Starting to invest is one of the smartest decisions one can make in their entire life. It is a great opportunity to set yourself up for the future and save for retirement.

Not everyone wants to work forever but investing wisely can help you make sure that does not happen.

Investing from the outside might seem intimidating, and you may not know where to start. It is easy to get overwhelmed with all the different opinions out there and the chaos you might see in the news.

Being able to invest is such a valuable skill to have, but you do have to put the time and effort in.

To be a successful investor, ideally, you want to start early as possible. Starting early allows your investments to build interest for longer making you more money.

Another key is being disciplined and patient – this is especially important in 2022. The stock market over the past few years has done really well.

In 2019 the S&P 500 was up 28.88%, in 2020 it was up 16.26%, and in 2021 it was up 26.89%. However, so far in 2022, the S&P 500 is down around 20%.

During times of turmoil in the economy, it is easy to lose track of your investing strategy and panic sell. That is why having discipline and patience with your investments is so crucial.

In this article, we will cover some factors to consider when just starting and how to make your money work for you.

Getting Started

What age would you like to retire at? What do you want your life to look like in the future? How fast do you want to see results? There are so many factors to consider when determining your investment strategy.

Investing for the First Time – Budget

First, you need to figure out your investing budget. One of the biggest misconceptions is you need a lot of money to start investing when you do not.

You actually need to make sure you are financially stable to invest and able to invest often.

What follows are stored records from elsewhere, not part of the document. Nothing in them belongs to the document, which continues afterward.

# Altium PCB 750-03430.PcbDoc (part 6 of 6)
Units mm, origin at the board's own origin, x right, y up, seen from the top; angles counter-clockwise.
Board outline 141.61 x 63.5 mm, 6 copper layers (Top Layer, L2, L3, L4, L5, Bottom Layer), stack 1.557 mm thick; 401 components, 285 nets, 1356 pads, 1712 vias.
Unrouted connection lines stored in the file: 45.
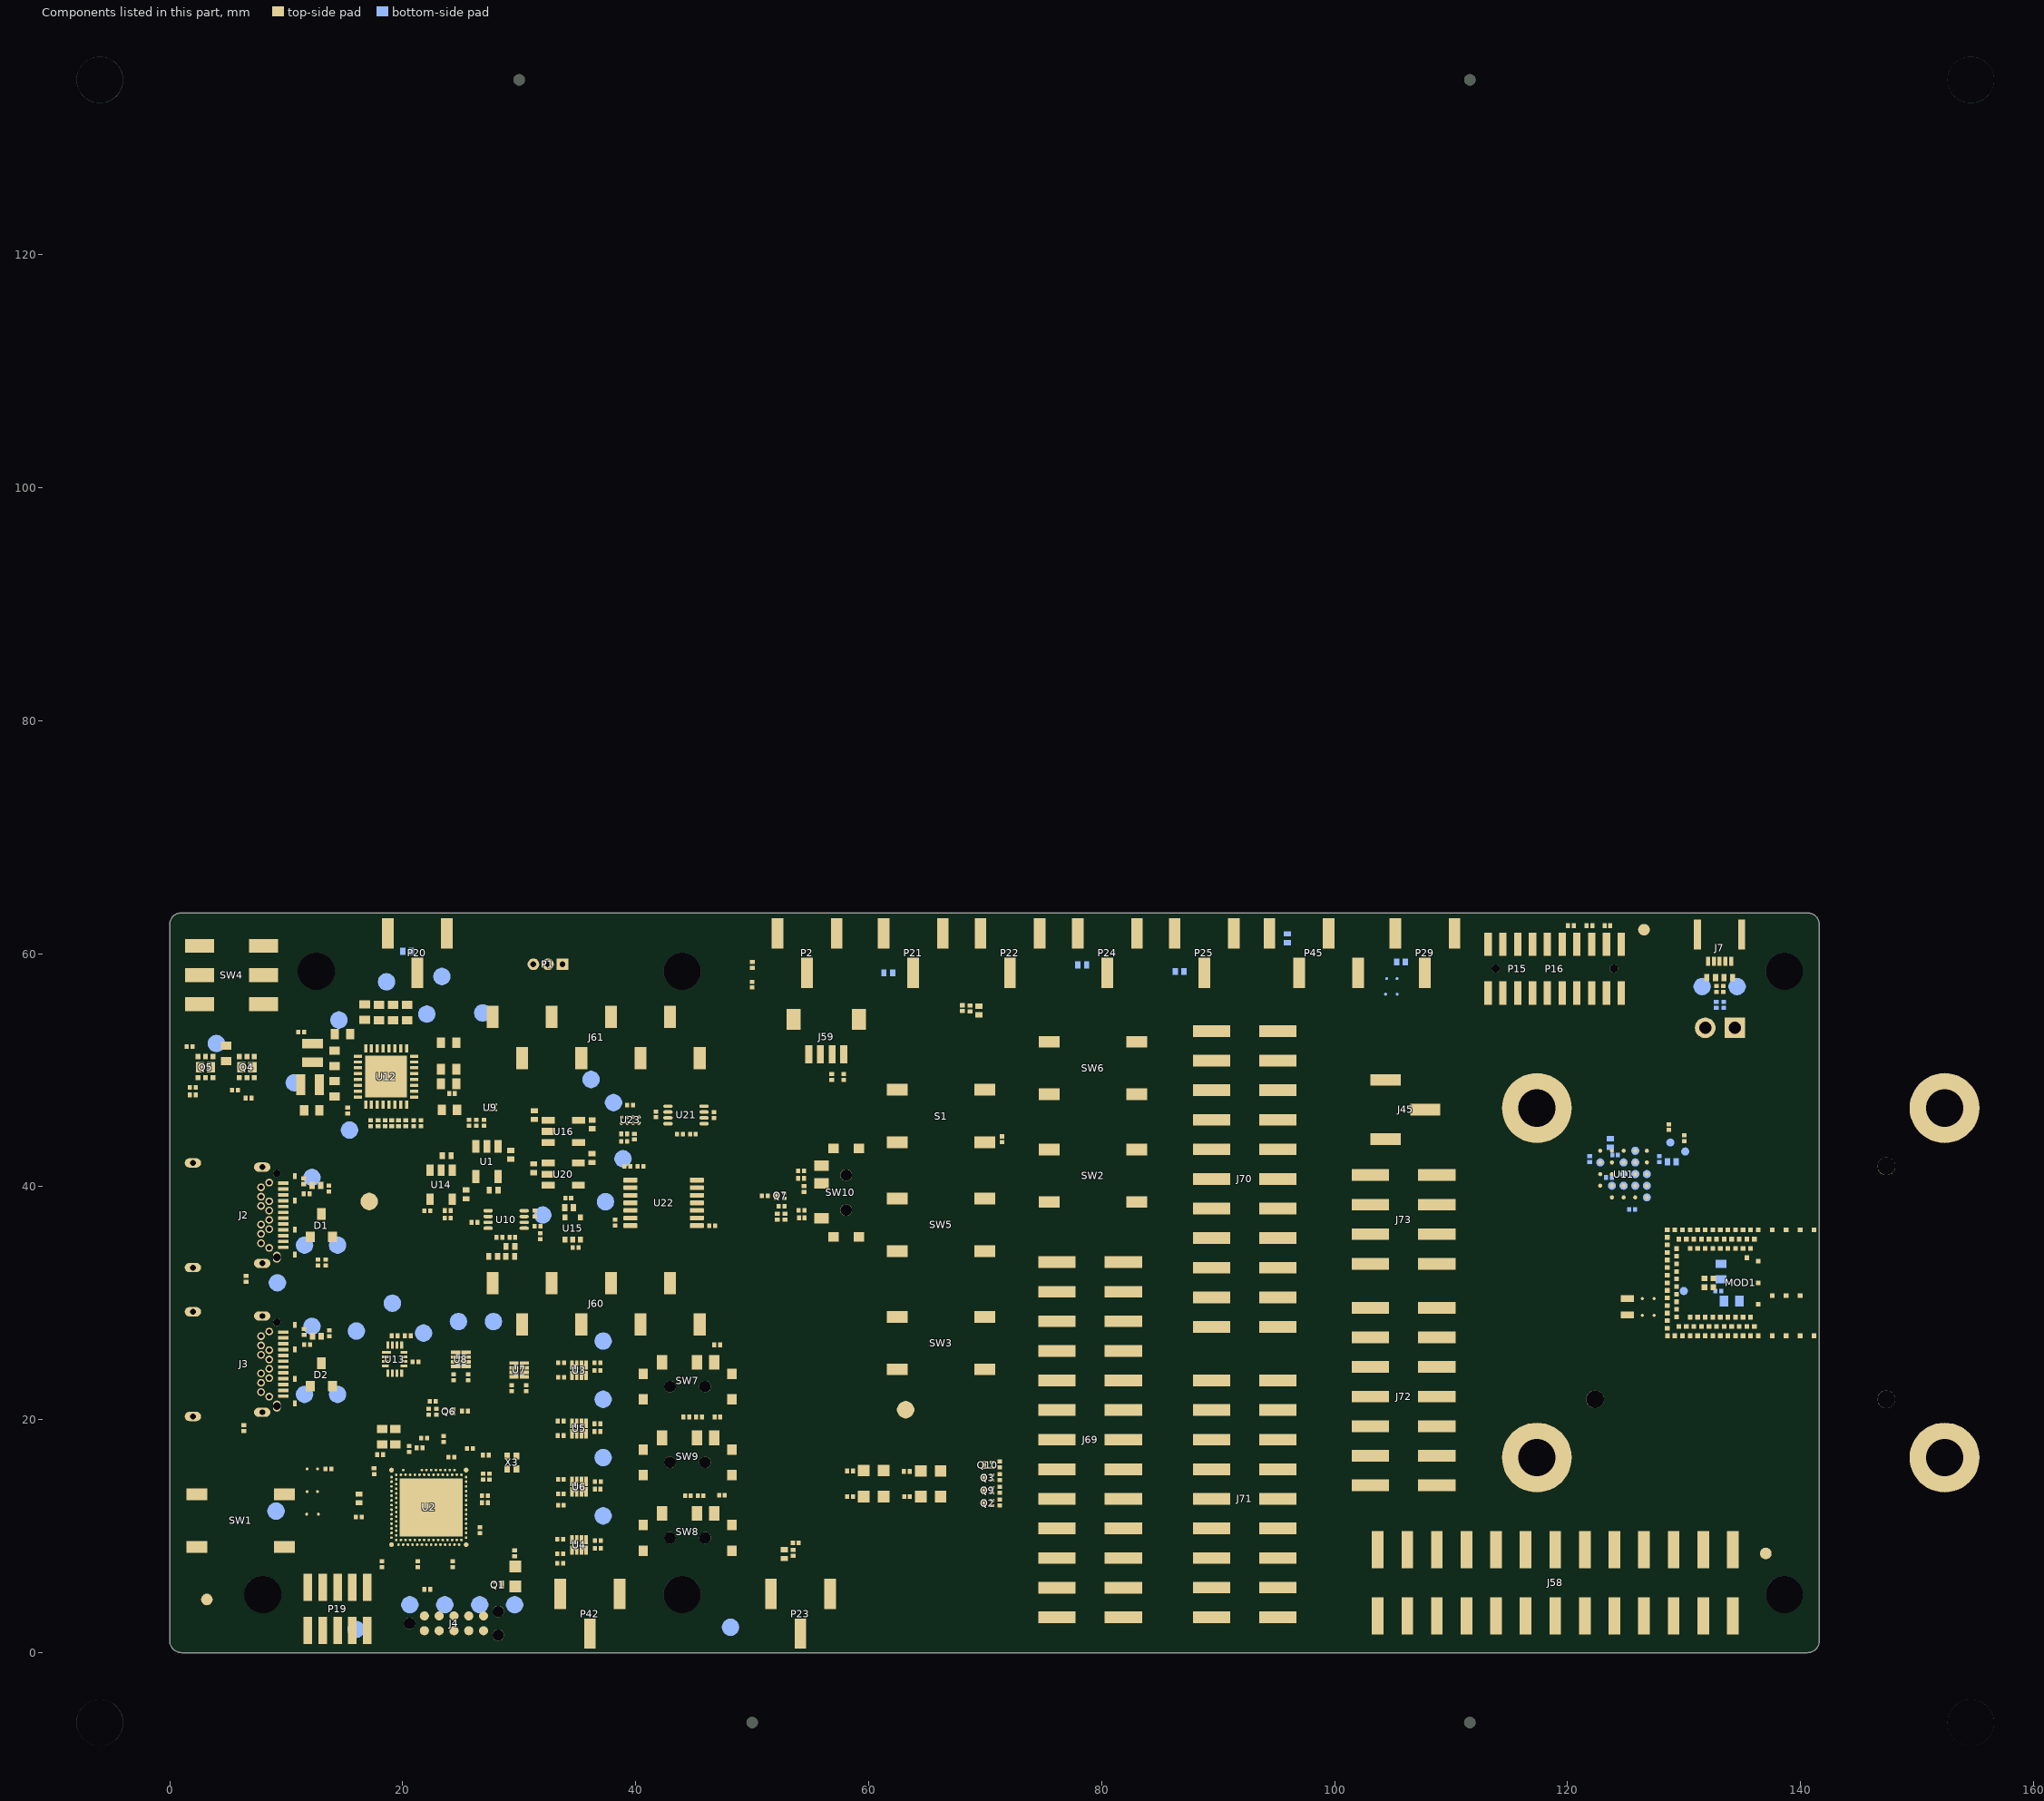
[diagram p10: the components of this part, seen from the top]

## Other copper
Top Layer:
  pour cut-out: 124.322,30.103 124.322,29.303 125.672,29.303 125.672,30.103
  pour cut-out: 112.607,59.562 125.175,59.562 125.175,62.07 112.607,62.07
  region net P3V3: 23.949,39.418 23.949,36.993 24.082,36.861 24.678,36.861 25.74,37.924 25.74,39.192 25.139,39.192 24.913,39.418
  region net P3V3: 33.735,37.118 33.053,37.8 33.053,39 33.262,39.209 34.141,39.209 34.141,37.118
  region net 5V0: 22.649,41.918 22.649,40.671 22.848,40.473 23.744,40.473 23.949,40.678 23.949,43.417 24.146,43.613 24.735,43.613 24.982,43.366 24.982,40.618 24.255,39.891 22.35,39.891 22.049,40.192 22.049,41.918
  region net 5V0: 25.982,44.023 25.982,42.24 26.241,41.981 28.064,41.981 28.975,42.892 29.576,42.892 29.576,43.937 29.49,44.023 27.886,44.023 27.886,42.923 27.601,42.639 26.866,42.639 26.582,42.923 26.582,44.023
  region net 5V0: 33.037,42.327 31.805,42.327 31.06,43.071 30.505,43.071 30.333,42.899 30.333,42.126 30.732,41.727 33.037,41.727
  region net 5V0: 33.046,45.994 30.429,45.994 30.288,45.853 30.288,45.453 30.433,45.309 31.861,45.309 31.946,45.394 33.046,45.394
  region net VBUS_DBGR: 12.776,26.859 12.776,27.461 13.389,27.461 13.501,27.349 13.903,27.349 13.903,26.374 13.747,26.219 13.416,26.219
  region net VBUS_nRF: 12.742,40.411 12.742,39.809 13.356,39.809 13.467,39.921 13.869,39.921 13.869,40.896 13.714,41.052 13.383,41.052
  region net NetC89_2: 11.335,27.447 11.335,27.095 11.575,26.854 12.48,26.854 12.48,27.985 12.379,28.086 12.045,28.086 11.987,28.027 11.987,27.573 11.861,27.447
  region net NetC88_2: 11.298,40.402 11.298,40.05 11.539,39.809 12.444,39.809 12.444,40.94 12.343,41.041 12.009,41.041 11.951,40.983 11.951,40.528 11.824,40.402
  region net VBUS_nRF: 2.141,49.578 2.045,49.482 2.045,47.081 2.132,46.994 2.542,46.994 2.635,47.088 2.635,49.578
  region net VBUS: 3.515,50.938 3.935,50.938 3.935,51.388 4.282,51.735 6.716,51.735 7.064,51.387 7.064,50.937 7.484,50.937 7.484,52.143 6.599,53.028 4.22,53.028 3.515,52.324
  region net NetQ4_3: 5.764,51.387 5.764,50.851 5.795,50.819 5.794,50.818 5.794,49.797 6.844,49.797 7.064,49.577 7.064,49.127 7.484,49.127 7.484,49.669 7.454,49.699 7.454,50.717 6.404,50.717 6.184,50.937 6.184,51.387
  region net VBUS_DBGR: 6.184,49.577 5.764,49.577 5.669,49.482 5.669,47.527 5.861,47.335 6.616,47.335 6.692,47.411 6.692,47.813 6.184,48.321
  region net NetQ5_3: 3.295,49.798 3.515,49.578 3.515,49.128 3.935,49.128 3.935,49.659 3.905,49.689 3.905,50.718 2.876,50.718 2.635,50.959 2.635,51.942 5.762,55.069 9.322,55.069 9.322,56.269 5.313,56.269 1.746,52.702 1.746,50.298 2.245,49.798
  region net VBUS: 23.649,49.565 23.649,50.475 23.649,51.61 22.824,51.61 22.824,50.75 21.909,49.835 20.924,49.835 20.924,49.565
  region net NetC5_1: 20.974,48.564 21.324,48.564 22.006,47.883 22.006,47.115 22.991,46.129 23.702,46.129 23.702,47.043 22.991,47.043 22.602,47.432 22.602,48.022 21.79,48.834 20.974,48.834 20.974,48.699
  region net 5V0: 23.649,49.335 23.649,48.425 23.649,47.235 23.024,47.235 22.824,47.435 22.824,48.15 21.909,49.065 20.924,49.065 20.924,49.335
  region net VOUT2: 11.644,49.657 11.644,47.344 11.894,47.094 11.894,46.093 10.967,46.093 10.844,46.215 10.844,49.657
  region net VOUT1: 13.599,53.665 14.674,53.665 14.874,53.465 14.87,53.461 14.87,52.869 15.124,52.615 15.874,52.615 15.874,53.765 14.86,54.779 12.795,54.779 11.981,53.965 11.374,53.358 11.374,51.875 13.174,51.875 13.174,53.24
  region net PVSS2: 16.174,48.834 15.609,48.834 14.874,48.099 13.692,48.099 13.692,47.618 13.085,47.01 12.504,47.01 12.504,46.097 14.271,46.097 14.674,46.499 14.674,47.374 15.864,48.564 16.174,48.564
  region net 5V0: 15.124,49.85 14.599,50.375 14.599,50.7 13.799,50.7 13.799,48.7 14.599,48.7 14.599,49.025 15.124,49.55
  region net PVSS1: 13.799,53.501 14.574,53.501 14.574,52.926 14.999,52.501 15.624,51.876 15.624,51.076 15.864,50.836 16.174,50.836 16.174,50.566 15.634,50.566 14.899,51.301 13.799,51.301
  pour cut-out: 140.563,30.925 140.563,28.869 140.665,28.869 140.665,28.462 140.563,28.462 140.563,27.295 141.609,27.295 141.609,30.925
  pour cut-out: 129.21,35.977 129.21,35.824 129.262,35.824 129.262,35.977
  pour cut-out: 128.882,34.999 129.035,34.999 129.035,34.947 128.882,34.947
  pour cut-out: 129.86,28.323 129.86,28.503 130.237,28.503 130.237,28.323
  pour cut-out: 129.86,27.523 129.86,27.676 129.912,27.676 129.912,27.523
  pour cut-out: 133.8,27.627 133.8,27.753 133.044,27.753 133.044,27.627
  pour cut-out: 132.081,28.323 132.081,28.476 132.134,28.476 132.134,28.323
  pour cut-out: 134.735,35.177 134.735,35.024 134.787,35.024 134.787,35.177
  pour cut-out: 136.034,35.177 136.034,35.024 135.981,35.024 135.981,35.177
  pour cut-out: 129.035,33.051 128.882,33.051 128.882,33.103 129.035,33.103
  region net NetC29_2: 132.909,28.6 132.909,29.468 133.066,29.625 133.396,29.625 133.538,29.482 133.538,29.229 133.309,29 133.309,28.6
  region net VDD_HV: 133.559,34.9 133.559,34.358 133.44,34.238 133.44,33.922 133.554,33.807 133.969,33.807 134.076,33.914 134.076,34.238 133.959,34.355 133.959,34.9
  text ".layer_Name" at 275.755,-33.955 h2.54
L2:
  pour cut-out: 140.563,30.925 140.563,28.869 140.665,28.869 140.665,28.462 140.563,28.462 140.563,27.295 141.609,27.295 141.609,30.925
  pour cut-out: 136.609,35.925 136.609,30.925 141.609,30.925 141.609,35.925
  pour cut-out: 11.476,11.1 13.021,11.1 13.021,14.841 13.021,16.554 11.476,16.554
  text ".layer_Name" at 275.755,-33.955 h2.54
L3:
  pour cut-out: 140.563,30.925 140.563,28.869 140.665,28.869 140.665,28.462 140.563,28.462 140.563,27.295 141.609,27.295 141.609,30.925
  pour cut-out: 136.609,35.925 136.609,30.925 141.609,30.925 141.609,35.925
  pour cut-out: 11.476,11.1 13.021,11.1 13.021,14.841 13.021,16.554 11.476,16.554
  text ".layer_Name" at 275.755,-33.955 h2.54
L4:
  rectangle net 5V0: 13.917,49.414 15.168,49.981
  pour cut-out: 140.563,30.925 140.563,28.869 140.665,28.869 140.665,28.462 140.563,28.462 140.563,27.295 141.609,27.295 141.609,30.925
  pour cut-out: 136.609,35.925 136.609,30.925 141.609,30.925 141.609,35.925
  text ".layer_Name" at 275.755,-33.955 h2.54
L5:
  pour cut-out: 140.563,30.925 140.563,28.869 140.665,28.869 140.665,28.462 140.563,28.462 140.563,27.295 141.609,27.295 141.609,30.925
  pour cut-out: 136.609,35.925 136.609,30.925 141.609,30.925 141.609,35.925
  text ".layer_Name" at 275.755,-33.955 h2.54
Bottom Layer:
  pour cut-out: 140.563,30.925 140.563,28.869 140.665,28.869 140.665,28.462 140.563,28.462 140.563,27.295 141.609,27.295 141.609,30.925
  pour cut-out: 136.609,35.925 136.609,30.925 141.609,30.925 141.609,35.925
  region net NetC29_2: 133.016,29.206 133.124,29.098 133.482,29.098 133.78,29.396 133.78,30.998 133.524,31.255 133.016,31.255
  text ".layer_Name" at 275.755,-33.955 h2.54

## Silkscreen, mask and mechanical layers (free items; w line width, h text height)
Top Overlay:
  drawing of 92 lines, arcs and shapes, not listed
  text "OFF" at 11.426,61.412 h1.27
  text "NFC" at 136.09,61.387 h1.8
  text "VDD_HV" at 27.234,57.813 h1.4 r90
  text "GND" at 24.198,57.045 h0.64 r90
  text "GND" at 57.66,57.045 h0.64 r90
  text "GND" at 66.767,57.045 h0.64 r90
  text "GND" at 75.081,57.045 h0.64 r90
  text "GND" at 83.44,57.045 h0.64 r90
  text "GND" at 91.754,57.045 h0.64 r90
  text "GND" at 110.696,57.045 h0.64 r90
  text "VDD_P9" at 89.074,55.287 h1.4
  text "P2.01" at 35.665,54.772 h0.7 r90
  text "ON" at 11.505,54.708 h1.27
  text "P2.09" at 40.737,54.681 h0.7 r90
  text "POWER" at 11.014,54.383 h1.8 r90
  text "GND" at 87.61,54.31 h0.64
  text "GND" at 95.705,54.31 h0.64
  text "P2.03" at 30.512,54.196 h0.7 r90
  text "VDD_P1" at 70.997,54.123 h1.4
  text "VDD_P7" at 77.711,54.084 h1.4
  text "VDD_P0" at 61.529,53.95 h1.4
  text "VDD_1V8" at 106.176,53.779 h1.4
  text "P2.02" at 29.312,53.643 h0.7 r90
  text "P2.00" at 34.453,53.619 h0.7 r90
  text "P2.08" at 39.556,53.596 h0.7 r90
  text "DEBUG IN TRACE" at 114.953,52.449 h1.8
  text "P2.01" at 95.673,51.688 h0.64
  text "VDD_HV" at 99.869,51.328 h1.27 r90
  text "VDD_HV'" at 103.411,51.328 h1.27 r90
  text "1V8_LDO" at 102.184,51.23 h1.27 r90
  text "VDD_1V8'" at 101.032,51.196 h1.27 r90
  text "BL54 Reset" at 61.279,49.809 h1.8
  text "P2.00" at 95.673,49.131 h0.64
  text "GND" at 108.292,48.902 h0.64
  text "RX" at 33.186,48.372 h0.7 r90
  text "TX" at 35.726,48.372 h0.7 r90
  text "5V" at 43.346,48.372 h0.7 r90
  text "INT" at 30.646,47.789 h0.7 r90
  text "PWM" at 28.106,47.673 h0.7 r90
  text "SCL" at 38.266,47.673 h0.7 r90
  text "SDA" at 40.806,47.673 h0.7 r90
  text "GND" at 45.886,47.673 h0.7 r90
  text "P2.02" at 95.673,46.608 h0.64
  text "P6.01" at 109.316,46.241 h0.64
  text "Button 3" at 75.072,44.671 h1.8
  text "LED, FLASH PWR LS ON" at 52.133,44.462 h1.52
  text "RXD" at 87.578,44.068 h0.64
  text "P2.04" at 95.673,44.068 h0.64
  text "P6.13" at 107.45,43.695 h0.64
  text "BL54H20 USB" at 0.566,43.608 h1.8
  text "ON" at 54.649,42.057 h0.64 r90
  text "RESET" at 108.948,41.896 h0.64
  text "CTS" at 87.578,41.511 h0.64
  text "P2.05" at 95.673,41.511 h0.64
  text "Button 2" at 62.079,40.492 h1.8
  text "nPM1300" at 14.056,40.032 h1.8
  text "SWDIO" at 108.948,39.371 h0.64
  text "TXD" at 87.578,38.979 h0.64
  text "P2.06" at 95.673,38.979 h0.64
  text "SWD" at 100.319,37.297 h0.89 r90
  text "UART0" at 86.433,37.268 h0.89 r90
  text "SWDCLK" at 108.948,36.746 h0.64
  text "RTS" at 87.578,36.364 h0.64
  text "P2.07" at 95.673,36.364 h0.64
  text "Button 0" at 75.203,35.639 h1.8
  text "GND" at 16.307,35.561 h1.4
  text "OFF" at 54.695,34.965 h0.64 r90
  text "GND" at 81.885,34.381 h0.64
  text "GND" at 73.602,34.322 h0.64
  text "GND" at 108.948,34.238 h0.64
  text "RX" at 87.578,33.899 h0.64
  text "P2.09" at 95.673,33.899 h0.64
  text "SCK" at 36.694,33.204 h0.7 r90
  text "MOSI" at 40.766,33.203 h0.7 r90
  text "MISO" at 38.226,33.177 h0.7 r90
  text "3V3" at 43.306,33.154 h0.7 r90
  text "GND" at 45.846,33.159 h0.7 r90
  text "CS" at 33.146,33.115 h0.7 r90
  text "UI0" at 73.602,31.92 h0.64
  text "AN" at 29.361,31.847 h0.7 r90
  text "P0.08" at 81.885,31.845 h0.64
  text "RST" at 30.705,31.378 h0.7 r90
  text "TX" at 87.578,31.284 h0.64
  text "P2.08" at 95.673,31.284 h0.64
  text "Button 1" at 62.079,30.645 h1.8
  text "P9.05" at 109.263,30.512 h0.64
  text "DEBUGGER" at 0.389,29.83 h1.8
  text "MK_UART" at 86.181,29.827 h0.64 r90
  text "UI3" at 73.602,29.363 h0.64
  text "P0.11" at 81.885,29.32 h0.64
  text "INT" at 87.684,28.742 h0.64
  text "P2.03" at 95.673,28.742 h0.64
  text "P9.04" at 109.263,27.987 h0.64
  text "UI2" at 73.602,26.831 h0.64
  text "P0.10" at 81.902,26.811 h0.64
  text "OFF" at 47.767,26.123 h0.64
  text "ON" at 40.618,26.093 h0.64
  text "P1.01" at 29.421,25.509 h0.64 r90
  text "P7.00" at 34.518,25.475 h0.64 r90
  text "P9.00" at 109.263,25.432 h0.64
  text "P7.02" at 39.57,25.415 h0.64 r90
  text "UI0" at 101.323,25.38 h0.64
  text "MK" at 86.247,25.107 h0.89 r90
  text "PWM" at 86.826,25.039 h0.64
  text "P1.02" at 32.85,24.895 h0.64 r90
  text "P7.01" at 38.301,24.823 h0.64 r90
  text "Button" at 72.762,24.728 h0.89 r90
  text "P1.00" at 28.243,24.572 h0.64 r90
  text "UI1" at 73.602,24.212 h0.64
  text "P0.09" at 81.855,24.216 h0.64
  text "SWD0 LS" at 49.067,24.191 h1.8
  text "DATA1" at 86.804,24.145 h0.64
  text "P7.05" at 95.673,24.148 h0.64
  text "MOD1" at 126.391,23.757 h1.8
  text "P9.02" at 109.263,22.907 h0.64
  text "UI2" at 101.323,22.856 h0.64
  text "P0.05" at 81.885,21.685 h0.64
  text "P7.07" at 95.673,21.673 h0.64
  text "DATA3" at 86.826,21.473 h0.64
  text "P9.01" at 109.263,20.398 h0.64
  text "UI1" at 101.535,20.231 h0.64
  text "GND" at 64.431,19.872 h1.4
  text "OFF" at 47.942,19.753 h0.64
  text "ON" at 40.686,19.686 h0.64
  text "P0.07" at 81.885,19.16 h0.64
  text "LEDS" at 100.249,19.132 h0.89 r90
  text "DATA2" at 87.023,19.122 h0.64
  text "P7.06" at 95.673,19.122 h0.64
  text "Debugger" at 24.556,18.048 h1.8
  text "P9.03" at 109.263,17.803 h0.64
  text "UI3" at 101.323,17.646 h0.64
  text "UART1 LS" at 49.071,17.573 h1.8
  text "LED1" at 58.357,17.328 h1.14
  text "LED3" at 63.574,17.328 h1.14
  text "P0.06" at 81.902,16.651 h0.64
  text "CLK" at 88.293,16.587 h0.64
  text "P7.03" at 95.639,16.587 h0.64
  text "Trace" at 86.227,16.507 h0.89 r90
  text "RESET" at 3.223,15.375 h1.8
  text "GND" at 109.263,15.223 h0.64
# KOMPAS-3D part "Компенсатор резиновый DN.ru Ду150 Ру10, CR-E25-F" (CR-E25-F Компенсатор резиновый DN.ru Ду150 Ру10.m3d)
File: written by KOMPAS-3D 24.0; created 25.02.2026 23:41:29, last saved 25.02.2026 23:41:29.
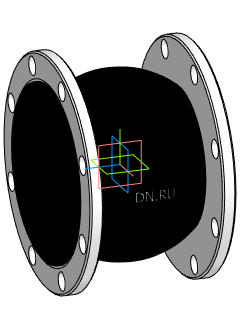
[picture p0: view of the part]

Document properties: Автор: DN.RU; Полное имя файла: D:\PROJECT CAD\DN.RU\...178(4)(ACTUALE). CR-E25-F Компенсатор резиновый DN.ru Ру10-16\DN150_PN10\CR-E25-F Компенсатор резиновый DN.ru Ду150 Ру10.m3d

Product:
- Body: Твердое тело2  | qty 1
    Масса: 25.350854
- Part/product: Компенсатор резиновый DN.ru Ду150 Ру10  | designation CR-E25-F
    Масса: 13.13
    Раздел спецификации: Прочие изделия
    Комментарий: D140-02167
    Примечание: D140-02167
    additional columns: Типовые

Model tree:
1. Твердое тело2  (labels: Твердое тело2)

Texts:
  CR-E25-F

Financial advisors highly suggest creating an emergency fund. This fund prepares you for any unsuspecting costs life may throw at you.

In times of need, the last thing you want to do is sell your investments to cover your expenses.

All investments have risks associated with them and returns are not guaranteed. Sometimes your investments will be doing poorly, and you will need money.

Having an emergency fund gives you the money needed and keeps your investments growing. Financial experts recommend putting 3 to 6 months of expenses aside.

Investing for the First Time – Risk

Know your risk tolerance and how you feel when your investments are in the red. Every investment has risk, and you have to be content with potentially losing money.

People often say they have a high-risk tolerance until there is volatility and they panic sell.

It is important to find the balance between returns and the risk that comes with the investment. Looking at stocks and bonds, stocks tend to have higher returns, but higher risk.

Bonds have lower returns with less risk. There are ways to counteract risk like diversifying a portfolio.

Investing for the First Time – Strategy

What type of investor are you? Passive and active are two ways to go about investing. A passive investor thinks long-term and is not as involved.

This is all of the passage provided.